Em perfeita harmonia, portanto, estavam unidos em López Anglada o seu bonhomie, a sua cordialidade, a sua capacidade de ouvir e, claro, a sua criatividade poética. Dentro desta última, há um fio subtil que a configura: a naturalidade. Ela era capaz de abordar qualquer assunto, dando-lhe consistência lírica. De uma forma especial, destaca-se o amor esponsal, presente ao longo da sua carreira literária, embora seja talvez apropriado alargar o arco temático a tudo o que a rodeava: os seus filhos, a sua pátria, a sua profissão militar, a sua cidade de nascimento (Ceuta), a cidade de Fontiveros (onde estão enterrados os seus restos mortais juntamente com os de Maruja, sua esposa), Burgohondo (Ávila), os seus autores favoritos (Santa Teresa de Jesus, São João da Cruz, António Machado, Gerardo Diego), os seus amigos e, sem dúvida, Deus, a quem cantou em muitas ocasiões de forma brilhante como uma presença contínua na sua vida pessoal, particularmente visível em Território do sonhocom o qual ganhou o Prémio Mundial Fernando Rielo de Poesia Mística em 1995: um livro de maturidade, escrito quase na "favela da velhice", como diria Jorge Manrique, mas fresco, emocionante, cheio de luminosidade, com a experiência sábia de quem é claro que "a vida deve ser cheia de esperança".

Autobiografia poética

É, de facto, a sua própria biografia, na azáfama da idade, para a qual canta constantemente, como se a existência fosse um "hoje está sempre imóvel", nas palavras de Machad.
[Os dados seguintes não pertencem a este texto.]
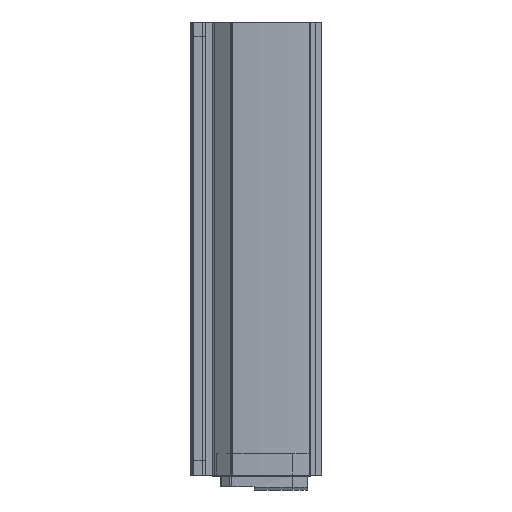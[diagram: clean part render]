
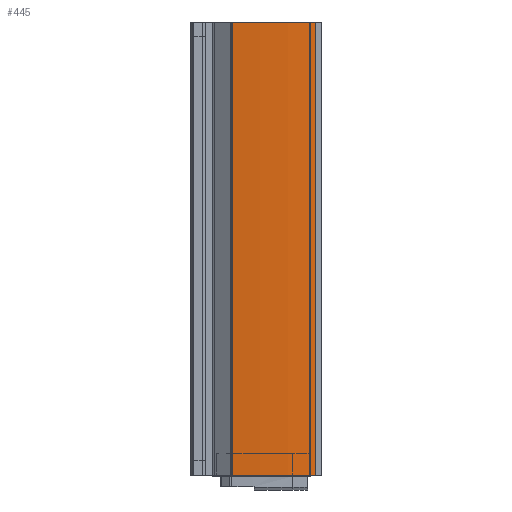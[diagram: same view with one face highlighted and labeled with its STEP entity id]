
A CAD part, left-side view. The second image highlights one B-rep face of the part: STEP entity #445.
In plain terms, the highlighted cylindrical face has radius 555.199 mm (diameter 1110.4 mm), a partial arc.
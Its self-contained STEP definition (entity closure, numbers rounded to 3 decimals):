
#200 = EDGE_CURVE ( 'NONE', #2764, #1303, #4459, .T. ) ;
#445 = ADVANCED_FACE ( 'NONE', ( #4231 ), #759, .T. ) ;
#759 = CYLINDRICAL_SURFACE ( 'NONE', #2257, 555.199 ) ;
#788 = ORIENTED_EDGE ( 'NONE', *, *, #200, .T. ) ;
#808 = CARTESIAN_POINT ( 'NONE',  ( 15., 92., 232.5 ) ) ;
#990 = LINE ( 'NONE', #3482, #2275 ) ;
#1152 = DIRECTION ( 'NONE',  ( -1., 0., 0. ) ) ;
#1229 = ORIENTED_EDGE ( 'NONE', *, *, #2894, .F. ) ;
#1303 = VERTEX_POINT ( 'NONE', #1953 ) ;
#1495 = CARTESIAN_POINT ( 'NONE',  ( 18., 6.2, -232.5 ) ) ;
#1616 = DIRECTION ( 'NONE',  ( 0., 0., 1. ) ) ;
#1649 = AXIS2_PLACEMENT_3D ( 'NONE', #3712, #1616, #1152 ) ;
#1657 = VERTEX_POINT ( 'NONE', #2282 ) ;
#1692 = ORIENTED_EDGE ( 'NONE', *, *, #3116, .T. ) ;
#1858 = VECTOR ( 'NONE', #1912, 1000. ) ;
#1912 = DIRECTION ( 'NONE',  ( 0., 0., -1. ) ) ;
#1953 = CARTESIAN_POINT ( 'NONE',  ( 15., 92., -232.5 ) ) ;
#2127 = EDGE_LOOP ( 'NONE', ( #788, #5341, #1229, #1692 ) ) ;
#2222 = CARTESIAN_POINT ( 'NONE',  ( -536.699, 29.757, 232.5 ) ) ;
#2257 = AXIS2_PLACEMENT_3D ( 'NONE', #2222, #6252, #3732 ) ;
#2275 = VECTOR ( 'NONE', #2914, 1000. ) ;
#2282 = CARTESIAN_POINT ( 'NONE',  ( 18., 6.2, 232.5 ) ) ;
#2764 = VERTEX_POINT ( 'NONE', #1495 ) ;
#2796 = CIRCLE ( 'NONE', #1649, 555.199 ) ;
#2894 = EDGE_CURVE ( 'NONE', #1657, #5332, #2796, .T. ) ;
#2914 = DIRECTION ( 'NONE',  ( 0., 0., -1. ) ) ;
#3116 = EDGE_CURVE ( 'NONE', #1657, #2764, #3485, .T. ) ;
#3482 = CARTESIAN_POINT ( 'NONE',  ( 15., 92., 232.5 ) ) ;
#3485 = LINE ( 'NONE', #6391, #1858 ) ;
#3712 = CARTESIAN_POINT ( 'NONE',  ( -536.699, 29.757, 232.5 ) ) ;
#3732 = DIRECTION ( 'NONE',  ( -1., 0., 0. ) ) ;
#4177 = EDGE_CURVE ( 'NONE', #5332, #1303, #990, .T. ) ;
#4231 = FACE_OUTER_BOUND ( 'NONE', #2127, .T. ) ;
#4459 = CIRCLE ( 'NONE', #6034, 555.199 ) ;
#4725 = DIRECTION ( 'NONE',  ( 0., 0., 1. ) ) ;
#5332 = VERTEX_POINT ( 'NONE', #808 ) ;
#5341 = ORIENTED_EDGE ( 'NONE', *, *, #4177, .F. ) ;
#5705 = CARTESIAN_POINT ( 'NONE',  ( -536.699, 29.757, -232.5 ) ) ;
#6034 = AXIS2_PLACEMENT_3D ( 'NONE', #5705, #4725, #6304 ) ;
#6252 = DIRECTION ( 'NONE',  ( 0., 0., -1. ) ) ;
#6304 = DIRECTION ( 'NONE',  ( -1., 0., 0. ) ) ;
#6391 = CARTESIAN_POINT ( 'NONE',  ( 18., 6.2, 232.5 ) ) ;
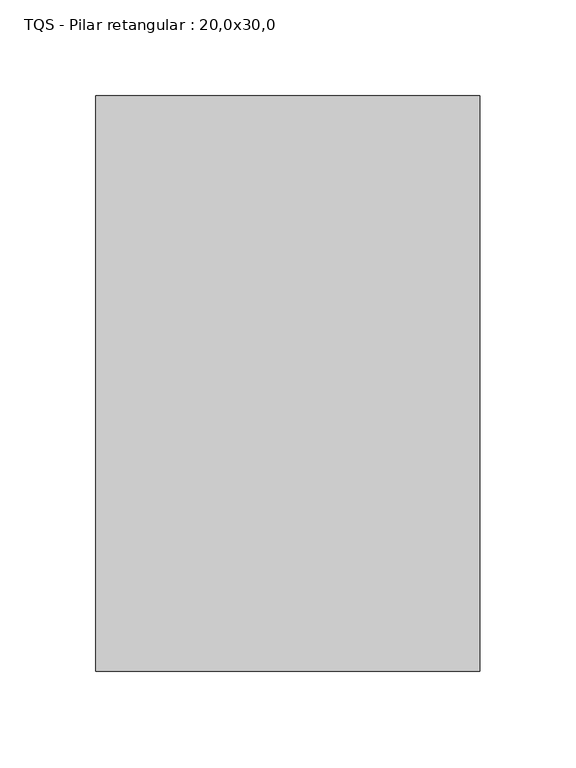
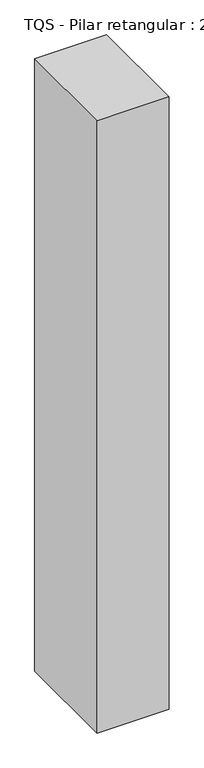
"""IFC4 building model written with IfcOpenShell, lengths in millimetres: column geometry, TQS - Pilar retangular : 20,0x30,0."""

import ifcopenshell
import ifcopenshell.guid

model = None  # the IFC model being written
_history = None  # IfcOwnerHistory: only IFC2X3 demands one
_inside = {}  # id of a spatial element -> (the spatial element, [elements in it])
_under = {}  # id of a project, library or spatial element -> (it, [spatial elements below it])
_declared = {}  # id of a project -> (the project, [libraries it declares])
_typed = {}  # id of a type object -> (the type object, [elements of that type])
_made_of = {}  # id of a material, layer set ... -> (it, [elements and type objects made of it])


def new_model(schema):
    """Start an empty IFC model of exactly this schema.

    Asked for "IFC4X3", IfcOpenShell would pick the latest addendum, in which some entities
    have other attributes; the version numbers below select the first issue.
    IFC2X3 requires an IfcOwnerHistory on every rooted entity: one is made here for all.
    """
    global model, _history
    if schema == "IFC4X3":
        model = ifcopenshell.file(schema_version=(4, 3, 0, 0))
    else:
        model = ifcopenshell.file(schema=schema)
    _inside.clear()
    _under.clear()
    _declared.clear()
    _typed.clear()
    _made_of.clear()
    _history = None
    if model.schema == "IFC2X3":
        org = make("IfcOrganization", Name="unknown")
        user = make(
            "IfcPersonAndOrganization",
            ThePerson=make("IfcPerson", FamilyName="unknown"),
            TheOrganization=org,
        )
        app = make(
            "IfcApplication",
            ApplicationDeveloper=org,
            Version="unknown",
            ApplicationFullName="unknown",
            ApplicationIdentifier="unknown",
        )
        _history = make(
            "IfcOwnerHistory",
            OwningUser=user,
            OwningApplication=app,
            ChangeAction="ADDED",
            CreationDate=0,
        )
    return model


def make(cls, **values):
    """One entity of the class cls with the attributes given. An attribute that is None is left unset."""
    return model.create_entity(
        cls, **{name: value for name, value in values.items() if value is not None}
    )


def rooted(cls, **values):
    """An entity with a GlobalId (a new one), such as an element, a storey or a relation."""
    return make(cls, GlobalId=ifcopenshell.guid.new(), OwnerHistory=_history, **values)


def si_unit(unit_type, name, prefix=None):
    """IfcSIUnit, for example si_unit("LENGTHUNIT", "METRE", prefix="MILLI")."""
    return make("IfcSIUnit", UnitType=unit_type, Prefix=prefix, Name=name)


def assignment(units):
    """IfcUnitAssignment: the units of a project."""
    return None if units is None else make("IfcUnitAssignment", Units=units)


def point(xyz):
    """IfcCartesianPoint."""
    return None if xyz is None else make("IfcCartesianPoint", Coordinates=xyz)


def direction(xyz):
    """IfcDirection."""
    return None if xyz is None else make("IfcDirection", DirectionRatios=xyz)


def frame(location, z_axis=None, x_axis=None):
    """IfcAxis2Placement3D, a coordinate frame: its origin and axes. An axis left out is left unset."""
    return make(
        "IfcAxis2Placement3D",
        Location=point(location),
        Axis=direction(z_axis),
        RefDirection=direction(x_axis),
    )


def origin():
    """The frame at (0, 0, 0) with its axes left unset."""
    return frame((0.0, 0.0, 0.0))


def place(relative_to, where):
    """IfcLocalPlacement: puts the frame where relative to a parent placement (None: the world)."""
    return make(
        "IfcLocalPlacement", PlacementRelTo=relative_to, RelativePlacement=where
    )


def context(
    kind, dimensions, precision=None, world=None, true_north=None, identifier=None
):
    """IfcGeometricRepresentationContext, for example the 3D "Model" context."""
    return make(
        "IfcGeometricRepresentationContext",
        ContextIdentifier=identifier,
        ContextType=kind,
        CoordinateSpaceDimension=dimensions,
        Precision=precision,
        WorldCoordinateSystem=world,
        TrueNorth=true_north,
    )


def project(units=None, contexts=None):
    """IfcProject with its units and contexts."""
    return rooted(
        "IfcProject",
        Name="project",
        RepresentationContexts=contexts,
        UnitsInContext=assignment(units),
    )


def spatial(cls, under=None, at=None, **own):
    """A site, building, storey or space (cls), placed at a placement, below another one or the project."""
    s = rooted(cls, ObjectPlacement=at, **own)
    if under is not None:
        _under.setdefault(under.id(), (under, []))[1].append(s)
    return s


def polyline(points):
    """IfcPolyline through the points."""
    return make("IfcPolyline", Points=[point(p) for p in points])


def outline(outer, holes=None, kind="AREA"):
    """IfcArbitraryClosedProfileDef: a profile drawn as a closed curve; with holes, ...WithVoids."""
    if holes is None:
        return make("IfcArbitraryClosedProfileDef", ProfileType=kind, OuterCurve=outer)
    return make(
        "IfcArbitraryProfileDefWithVoids",
        ProfileType=kind,
        OuterCurve=outer,
        InnerCurves=holes,
    )


def extrude(swept, where, along, depth):
    """IfcExtrudedAreaSolid: the profile swept, set in the frame where, extruded along a direction by depth."""
    return make(
        "IfcExtrudedAreaSolid",
        SweptArea=swept,
        Position=where,
        ExtrudedDirection=direction(along),
        Depth=depth,
    )


def shape(context_of_items, identifier, shape_type, items):
    """IfcShapeRepresentation: the items that make up one representation, for example the "Body"."""
    return make(
        "IfcShapeRepresentation",
        ContextOfItems=context_of_items,
        RepresentationIdentifier=identifier,
        RepresentationType=shape_type,
        Items=items,
    )


def source(mapping_origin, context_of_items, identifier, shape_type, items):
    """IfcRepresentationMap: a shape defined once, which mapped items show again and again."""
    return make(
        "IfcRepresentationMap",
        MappingOrigin=mapping_origin,
        MappedRepresentation=shape(context_of_items, identifier, shape_type, items),
    )


def transform(
    local_origin,
    x_axis=None,
    y_axis=None,
    z_axis=None,
    scale=None,
    scale2=None,
    scale3=None,
    uniform=True,
):
    """IfcCartesianTransformationOperator3D, or its non-uniform kind. x_axis, y_axis, z_axis: its Axis1, 2, 3."""
    if uniform:
        return make(
            "IfcCartesianTransformationOperator3D",
            Axis1=direction(x_axis),
            Axis2=direction(y_axis),
            LocalOrigin=point(local_origin),
            Scale=scale,
            Axis3=direction(z_axis),
        )
    return make(
        "IfcCartesianTransformationOperator3DnonUniform",
        Axis1=direction(x_axis),
        Axis2=direction(y_axis),
        LocalOrigin=point(local_origin),
        Scale=scale,
        Axis3=direction(z_axis),
        Scale2=scale2,
        Scale3=scale3,
    )


def mapped(mapping_source, mapping_target):
    """IfcMappedItem: shows the shape of a source again, moved by a transform."""
    return make(
        "IfcMappedItem", MappingSource=mapping_source, MappingTarget=mapping_target
    )


def made_of(thing, what):
    """Note that an element or type object is made of a material, layer set ...; save() writes the relation."""
    if what is not None:
        _made_of.setdefault(what.id(), (what, []))[1].append(thing)
    return thing


def element(
    cls,
    number,
    at=None,
    inside=None,
    cuts=None,
    type_object=None,
    material=None,
    context=None,
    identifier="Body",
    shape_type=None,
    held_by="IfcProductDefinitionShape",
    body=None,
    shapes=None,
    **own,
):
    """One element of the class cls, such as IfcWall. Its Tag is "e" and its number.

    at: its placement. inside: the storey or other place that contains it. cuts: it is an
    opening in that element (IfcRelVoidsElement). A single representation is given by context,
    identifier, shape_type and body (its items); several are given by shapes. held_by: the class
    of the entity that holds the representations. save() writes the other relations.
    """
    e = rooted(cls, Tag="e%d" % number, ObjectPlacement=at, **own)
    if body is not None:
        shapes = [shape(context, identifier, shape_type, body)]
    if shapes is not None:
        e.Representation = make(held_by, Representations=shapes)
    if inside is not None:
        _inside.setdefault(inside.id(), (inside, []))[1].append(e)
    if cuts is not None:
        rooted(
            "IfcRelVoidsElement", RelatingBuildingElement=cuts, RelatedOpeningElement=e
        )
    if type_object is not None:
        _typed.setdefault(type_object.id(), (type_object, []))[1].append(e)
    return made_of(e, material)


def aggregate(whole, parts):
    """IfcRelAggregates: a whole, such as a stair, and the parts it consists of."""
    return rooted("IfcRelAggregates", RelatingObject=whole, RelatedObjects=parts)


def save(model, path):
    """Write the relations noted so far, then the file.

    IfcRelAggregates (storeys below a building ...), IfcRelContainedInSpatialStructure (elements
    in a storey), IfcRelDefinesByType, IfcRelAssociatesMaterial and IfcRelDeclares: one each for
    every whole, place, type object, material and project.
    """
    for whole, parts in _under.values():
        aggregate(whole, parts)
    for where, things in _inside.values():
        rooted(
            "IfcRelContainedInSpatialStructure",
            RelatedElements=things,
            RelatingStructure=where,
        )
    for kind, things in _typed.values():
        rooted("IfcRelDefinesByType", RelatedObjects=things, RelatingType=kind)
    for what, things in _made_of.values():
        rooted("IfcRelAssociatesMaterial", RelatedObjects=things, RelatingMaterial=what)
    for by, libraries in _declared.values():
        rooted("IfcRelDeclares", RelatingContext=by, RelatedDefinitions=libraries)
    model.write(path)


def tqs_pilar_retangular_20_0x30_0_631425d6(model_context):
    return source(origin(), model_context, "Body", "SweptSolid", [
        extrude(outline(polyline([(100.0, 150.0), (100.0, -150.0), (-100.0, -150.0), (-100.0, 150.0), (100.0, 150.0)])), frame((0.0, 0.0, 900.0), z_axis=(0.0, 0.0, 1.0), x_axis=(1.0, 0.0, 0.0)), (0.0, 0.0, 1.0), 1800.0),
    ])


if __name__ == "__main__":
    model = new_model("IFC4")
    model_context = context("Model", 3, world=origin())
    ifc_project = project(units=[si_unit("LENGTHUNIT", "METRE", prefix="MILLI")], contexts=[model_context])
    site = spatial("IfcSite", under=ifc_project)
    building = spatial("IfcBuilding", under=site)
    placement = place(None, origin())
    tqs_pilar_retangular_20_0x30_0_shape = tqs_pilar_retangular_20_0x30_0_631425d6(model_context)
    element("IfcColumn", 1, ObjectType="TQS - Pilar retangular : 20,0x30,0", at=placement, inside=building, context=model_context, shape_type="MappedRepresentation", body=[
        mapped(tqs_pilar_retangular_20_0x30_0_shape, transform((0.0, 0.0, 0.0), x_axis=(1.0, 0.0, 0.0), y_axis=(0.0, 1.0, 0.0), z_axis=(0.0, 0.0, 1.0))),
    ])
    save(model, "model.ifc")

E é visto no amor, escrevendo uma das mais alegres, limpas, apaixonadas e belas histórias de amor da poesia espanhola do pós-guerra, onde a amada tem o seu próprio nome ou é chamada "amiga", ou "meu amor", ou é uma referência contínua à qual ele apela constantemente; e assim, ela inspira-o com um soneto bem como uma ode, porque ela é: "ela é uma mulher de amor".a luta que levanta / a alma da areia e o corpo das horas" e, desde que a conhece, "a única coisa que importa é este pomar / de neve e lírios rodeado / onde você, exacto e único, / completa o destino que me leva ao amanhã".". Tudo isto é poesia de integridade, punditry, optimismo, a mais sublime da poesia lírica contemporânea, poesia que nos move a agradecer a Deus por uma fonte de inspiração tão encorajadora. E é aqui, precisamente aqui, nos seus poemas de amor, onde grande parte dos seus versos mais inspirados se encontram

E ao lado do amado - o fruto do amor mútuo - as crianças. Desde o primogénito: "pétala quase, pequena / mas presente, / continuando a minha vida / para sempreàquele que se dedica ao ofício da olaria: "...".Uma das minhas filhas é oleira. Sabem isto, amigos; com as mãos ela pega / o barro e faz-me uma pomba (...)"; passando pela experiência dos primeiros oito descendentes, que ela celebra em sonetos inspirados em "Redondel de los ocho niños" ("Roundel dos oito filhos")"ou pela contemplação de toda a sua descendência:"Terra e amo a minha prole; / terra pela dor e luz que queimou / para iluminar os lugares escuros / onde hoje em dia vocês estão e tudo já é branco, / onde hoje em dia a terra é infantil e pura, / onde hoje em dia Deus e eu vos vemos, meus filhos.". Não há certamente falta de poemas a favor da sua descendência. 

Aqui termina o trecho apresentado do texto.